= Beginning of Section =

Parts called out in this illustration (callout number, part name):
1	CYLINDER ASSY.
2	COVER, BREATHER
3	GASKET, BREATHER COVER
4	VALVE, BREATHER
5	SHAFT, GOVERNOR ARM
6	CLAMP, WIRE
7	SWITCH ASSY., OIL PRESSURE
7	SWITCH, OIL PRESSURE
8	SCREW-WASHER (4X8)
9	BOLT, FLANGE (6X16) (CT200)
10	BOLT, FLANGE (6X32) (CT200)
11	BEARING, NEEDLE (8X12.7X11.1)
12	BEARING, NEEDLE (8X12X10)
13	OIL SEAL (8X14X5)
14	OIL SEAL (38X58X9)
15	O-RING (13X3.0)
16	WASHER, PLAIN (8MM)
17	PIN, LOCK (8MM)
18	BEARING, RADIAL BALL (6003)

= End of Section =
= Beginning of Section =

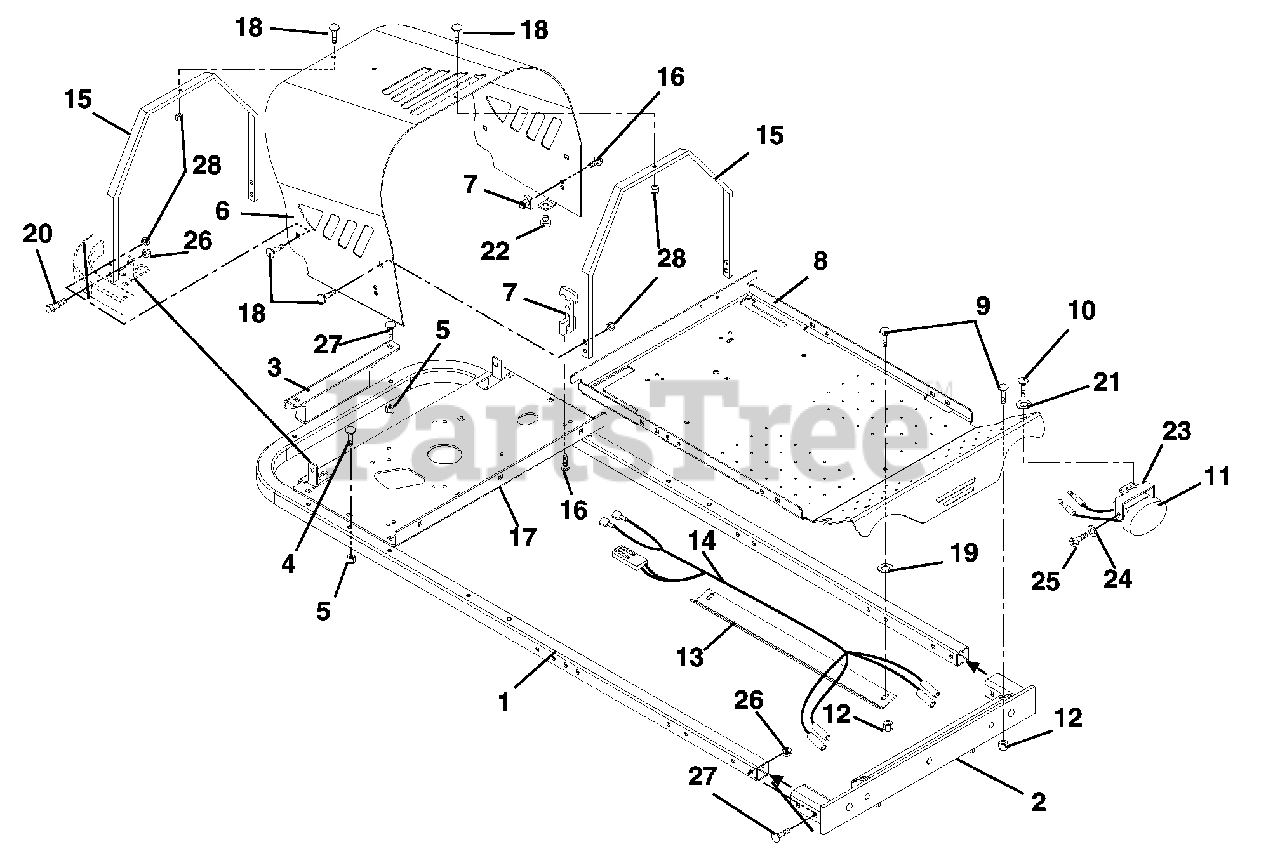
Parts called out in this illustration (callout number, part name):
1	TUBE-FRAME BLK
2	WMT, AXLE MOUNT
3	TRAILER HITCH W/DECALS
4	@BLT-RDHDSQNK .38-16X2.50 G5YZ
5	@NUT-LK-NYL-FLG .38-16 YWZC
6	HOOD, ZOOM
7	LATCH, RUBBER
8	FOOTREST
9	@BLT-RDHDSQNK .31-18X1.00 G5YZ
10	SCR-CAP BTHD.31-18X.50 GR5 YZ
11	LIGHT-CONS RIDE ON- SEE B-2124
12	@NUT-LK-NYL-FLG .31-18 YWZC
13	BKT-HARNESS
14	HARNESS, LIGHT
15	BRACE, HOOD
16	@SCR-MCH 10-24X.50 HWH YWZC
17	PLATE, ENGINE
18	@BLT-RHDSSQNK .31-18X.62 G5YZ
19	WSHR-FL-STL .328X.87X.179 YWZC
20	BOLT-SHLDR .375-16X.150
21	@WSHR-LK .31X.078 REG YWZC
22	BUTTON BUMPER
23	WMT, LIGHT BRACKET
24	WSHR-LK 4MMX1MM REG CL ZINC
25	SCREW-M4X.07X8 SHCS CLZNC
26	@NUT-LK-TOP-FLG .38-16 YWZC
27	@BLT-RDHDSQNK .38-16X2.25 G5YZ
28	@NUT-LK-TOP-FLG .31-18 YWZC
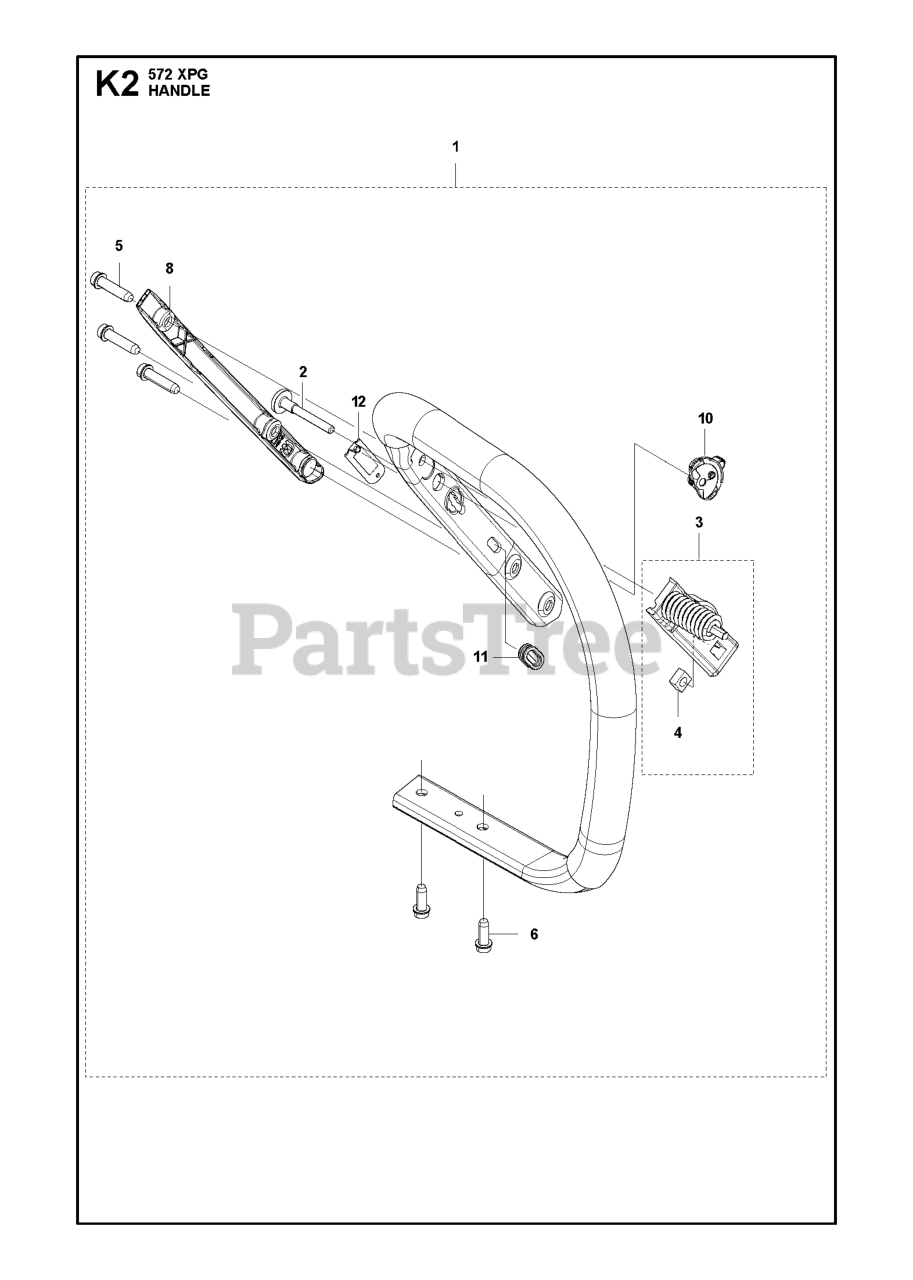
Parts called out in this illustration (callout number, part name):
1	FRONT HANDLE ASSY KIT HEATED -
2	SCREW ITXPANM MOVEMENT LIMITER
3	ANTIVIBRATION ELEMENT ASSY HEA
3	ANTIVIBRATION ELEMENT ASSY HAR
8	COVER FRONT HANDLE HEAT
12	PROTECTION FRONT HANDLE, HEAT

= End of Section =

▶ INSTRUCTIONS FOR THE TASK: Pull out all lines from the entries above that include the word "LIGHT".

▶ ANSWER BELOW:
11	LIGHT-CONS RIDE ON- SEE B-2124
14	HARNESS, LIGHT
23	WMT, LIGHT BRACKET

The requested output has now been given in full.